James Jeffery
James Jeffery

Reputation: 12599

Am I doing something wrong in my schema?

I've designed a database schema that allows for a Facebook style messaging system (without the feature of being able to edit messages). Here it is:

enter image description here

My idea was users send messages to a conversation, and not to another user. This way, users subscribe to a conversation, allowing for multiple user style chat.

A conversation is like a room. If user bob and user joe start talking, a conversation will be created if one doesn't exist. Whenever 'bob' and 'joe' talk their messages will always have the same conversation_id. This will allow me to return all their communication by getting all messages with their conversation_id.

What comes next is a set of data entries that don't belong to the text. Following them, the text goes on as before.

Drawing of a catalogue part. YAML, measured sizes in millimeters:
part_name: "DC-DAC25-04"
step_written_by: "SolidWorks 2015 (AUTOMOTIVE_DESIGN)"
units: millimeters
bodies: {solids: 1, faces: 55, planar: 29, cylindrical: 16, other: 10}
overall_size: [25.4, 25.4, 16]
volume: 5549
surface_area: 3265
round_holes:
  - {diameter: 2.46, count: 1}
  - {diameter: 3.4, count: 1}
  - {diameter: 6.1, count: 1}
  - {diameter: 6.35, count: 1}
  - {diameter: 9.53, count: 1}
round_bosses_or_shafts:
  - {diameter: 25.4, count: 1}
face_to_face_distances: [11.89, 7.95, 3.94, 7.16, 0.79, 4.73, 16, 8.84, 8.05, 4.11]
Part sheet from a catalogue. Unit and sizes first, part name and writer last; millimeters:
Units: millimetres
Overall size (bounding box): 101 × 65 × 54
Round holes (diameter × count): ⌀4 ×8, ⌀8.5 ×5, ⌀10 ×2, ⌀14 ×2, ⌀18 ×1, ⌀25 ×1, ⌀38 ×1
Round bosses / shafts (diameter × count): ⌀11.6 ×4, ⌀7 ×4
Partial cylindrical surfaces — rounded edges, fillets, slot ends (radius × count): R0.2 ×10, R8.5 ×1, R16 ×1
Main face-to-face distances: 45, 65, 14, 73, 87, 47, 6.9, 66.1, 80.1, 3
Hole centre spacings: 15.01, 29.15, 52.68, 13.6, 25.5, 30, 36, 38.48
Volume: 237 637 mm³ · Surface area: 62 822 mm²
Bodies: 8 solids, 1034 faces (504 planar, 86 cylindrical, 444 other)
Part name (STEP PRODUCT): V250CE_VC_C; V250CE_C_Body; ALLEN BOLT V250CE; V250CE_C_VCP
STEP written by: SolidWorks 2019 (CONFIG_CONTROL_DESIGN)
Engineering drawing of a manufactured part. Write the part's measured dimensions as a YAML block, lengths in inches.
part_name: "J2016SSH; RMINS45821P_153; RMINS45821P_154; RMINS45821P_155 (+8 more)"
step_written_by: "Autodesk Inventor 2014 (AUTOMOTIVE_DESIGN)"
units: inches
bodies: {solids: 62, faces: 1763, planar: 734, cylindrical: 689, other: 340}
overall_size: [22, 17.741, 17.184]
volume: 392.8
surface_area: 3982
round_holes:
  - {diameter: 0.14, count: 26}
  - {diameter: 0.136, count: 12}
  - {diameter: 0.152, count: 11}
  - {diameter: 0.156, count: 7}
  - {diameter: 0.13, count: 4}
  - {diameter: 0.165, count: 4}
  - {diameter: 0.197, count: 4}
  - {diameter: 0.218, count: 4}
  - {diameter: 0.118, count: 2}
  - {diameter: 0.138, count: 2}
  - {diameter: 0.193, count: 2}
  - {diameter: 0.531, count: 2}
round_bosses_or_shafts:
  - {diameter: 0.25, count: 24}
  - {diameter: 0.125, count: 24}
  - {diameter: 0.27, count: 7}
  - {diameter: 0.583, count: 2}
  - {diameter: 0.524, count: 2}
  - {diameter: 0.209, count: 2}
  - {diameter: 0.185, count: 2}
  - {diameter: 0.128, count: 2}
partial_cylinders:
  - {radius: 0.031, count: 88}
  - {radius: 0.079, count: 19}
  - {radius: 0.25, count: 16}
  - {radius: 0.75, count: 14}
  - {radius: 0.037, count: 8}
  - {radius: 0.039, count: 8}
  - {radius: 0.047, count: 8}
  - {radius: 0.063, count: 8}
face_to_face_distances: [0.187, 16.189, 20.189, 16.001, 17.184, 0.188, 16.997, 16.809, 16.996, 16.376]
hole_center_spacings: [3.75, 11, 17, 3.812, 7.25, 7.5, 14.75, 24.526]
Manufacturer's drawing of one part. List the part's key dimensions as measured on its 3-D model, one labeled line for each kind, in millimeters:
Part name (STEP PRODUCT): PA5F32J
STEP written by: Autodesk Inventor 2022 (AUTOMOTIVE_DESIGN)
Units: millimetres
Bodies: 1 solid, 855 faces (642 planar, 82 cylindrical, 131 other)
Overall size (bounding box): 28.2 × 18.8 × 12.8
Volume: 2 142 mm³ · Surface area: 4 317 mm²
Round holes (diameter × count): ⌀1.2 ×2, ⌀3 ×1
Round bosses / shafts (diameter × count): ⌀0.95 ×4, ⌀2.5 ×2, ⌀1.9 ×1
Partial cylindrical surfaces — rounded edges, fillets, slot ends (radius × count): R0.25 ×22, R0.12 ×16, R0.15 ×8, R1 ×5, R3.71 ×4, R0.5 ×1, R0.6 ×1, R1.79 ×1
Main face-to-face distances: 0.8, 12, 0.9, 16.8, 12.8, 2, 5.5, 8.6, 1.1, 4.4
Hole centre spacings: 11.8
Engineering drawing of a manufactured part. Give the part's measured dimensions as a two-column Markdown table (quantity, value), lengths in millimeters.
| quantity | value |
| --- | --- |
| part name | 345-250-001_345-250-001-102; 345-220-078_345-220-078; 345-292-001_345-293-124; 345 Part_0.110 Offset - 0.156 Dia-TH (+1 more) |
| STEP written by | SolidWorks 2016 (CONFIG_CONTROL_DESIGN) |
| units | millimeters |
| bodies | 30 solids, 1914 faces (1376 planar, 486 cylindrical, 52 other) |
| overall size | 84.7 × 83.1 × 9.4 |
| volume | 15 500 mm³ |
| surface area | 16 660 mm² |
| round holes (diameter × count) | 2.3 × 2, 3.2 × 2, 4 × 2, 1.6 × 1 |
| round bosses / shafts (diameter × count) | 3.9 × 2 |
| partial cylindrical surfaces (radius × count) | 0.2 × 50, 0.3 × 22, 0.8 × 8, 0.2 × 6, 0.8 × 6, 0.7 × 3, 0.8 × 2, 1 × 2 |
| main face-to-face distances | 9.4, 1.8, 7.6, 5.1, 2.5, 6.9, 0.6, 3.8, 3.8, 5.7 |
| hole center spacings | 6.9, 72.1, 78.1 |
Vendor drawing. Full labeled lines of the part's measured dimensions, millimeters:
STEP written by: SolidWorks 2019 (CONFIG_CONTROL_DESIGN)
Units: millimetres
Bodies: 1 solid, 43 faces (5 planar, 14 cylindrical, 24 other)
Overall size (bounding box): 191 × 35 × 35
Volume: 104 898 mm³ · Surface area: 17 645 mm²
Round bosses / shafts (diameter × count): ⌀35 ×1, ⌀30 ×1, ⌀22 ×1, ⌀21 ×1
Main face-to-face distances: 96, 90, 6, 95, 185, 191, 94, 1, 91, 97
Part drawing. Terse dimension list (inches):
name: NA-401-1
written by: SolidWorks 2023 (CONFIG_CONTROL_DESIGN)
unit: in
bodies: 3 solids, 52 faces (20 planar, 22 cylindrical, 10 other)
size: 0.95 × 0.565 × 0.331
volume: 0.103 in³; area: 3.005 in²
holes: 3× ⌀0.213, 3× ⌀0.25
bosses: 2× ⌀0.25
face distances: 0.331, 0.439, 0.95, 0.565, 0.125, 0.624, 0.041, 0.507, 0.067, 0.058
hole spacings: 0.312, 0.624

Multiple users can be a part of a conversation. The conversation_users table stores the the conversation_id and the user_id, which allows me to query the table to get All users who have the conversation_id X.

The problem I'm having is I want to query: Give me the conversation_id used by Joe and Bob, so I can then use this conversation_id to return all of the messages between 'Joe' and 'Bob'.

How could I achieve this? I think I've missed something important out of my model, which is making this seem more complex than it needs to be. But I can't see what.

Upvotes: 0

Views: 91

Answers (1)

O. Jones
O. Jones

Reputation: 108686

You need the intersection of the conversation_id values used by Joe, and by Bob.

How do you get the conversation_id values used by Joe?

          SELECT cu.conversation_id
            FROM Users u
            JOIN Conversation_Users cu ON u.id = c.user_id
           WHERE username = 'Joe'

You do the same for Bob, giving you two subqueries. Validate these; make sure they work correctly.

Then you do this:

SELECT cu.conversation_id
  FROM Users u
  JOIN Conversation_Users cu ON u.id = c.user_id
 WHERE username = 'Joe'
   AND cu.conversation_id IN
       (
          SELECT cu.conversation_id
            FROM Users u
            JOIN Conversation_Users cu ON u.id = c.user_id
           WHERE username = 'Bob'
       )

That gets you the list of conversation IDs involving the two users. Edit A JOIN can also handle this logic, like so.

SELECT a.conversation_id
  FROM (SELECT cu.conversation_id
          FROM Users u
          JOIN Conversation_Users cu ON u.id = c.user_id
         WHERE username = 'Joe'
           AND cu.conversation_id
       ) a
  JOIN (  SELECT cu.conversation_id
            FROM Users u
            JOIN Conversation_Users cu ON u.id = c.user_id
           WHERE username = 'Bob'
       ) b ON a.conversation_id  = b.conversation_id

The first of those queries can be placed in a MySQL view, while the second one can't. Which one is faster? Hard to know without trying them both.

There may be more than one such conversation. If you want just one, you'll have to figure out how to select it.

You haven't left anything out of your model. It's just that the logic for this kind of intersection operation is made kind of subtle because MySQL doesn't have an INTERSECTION operator.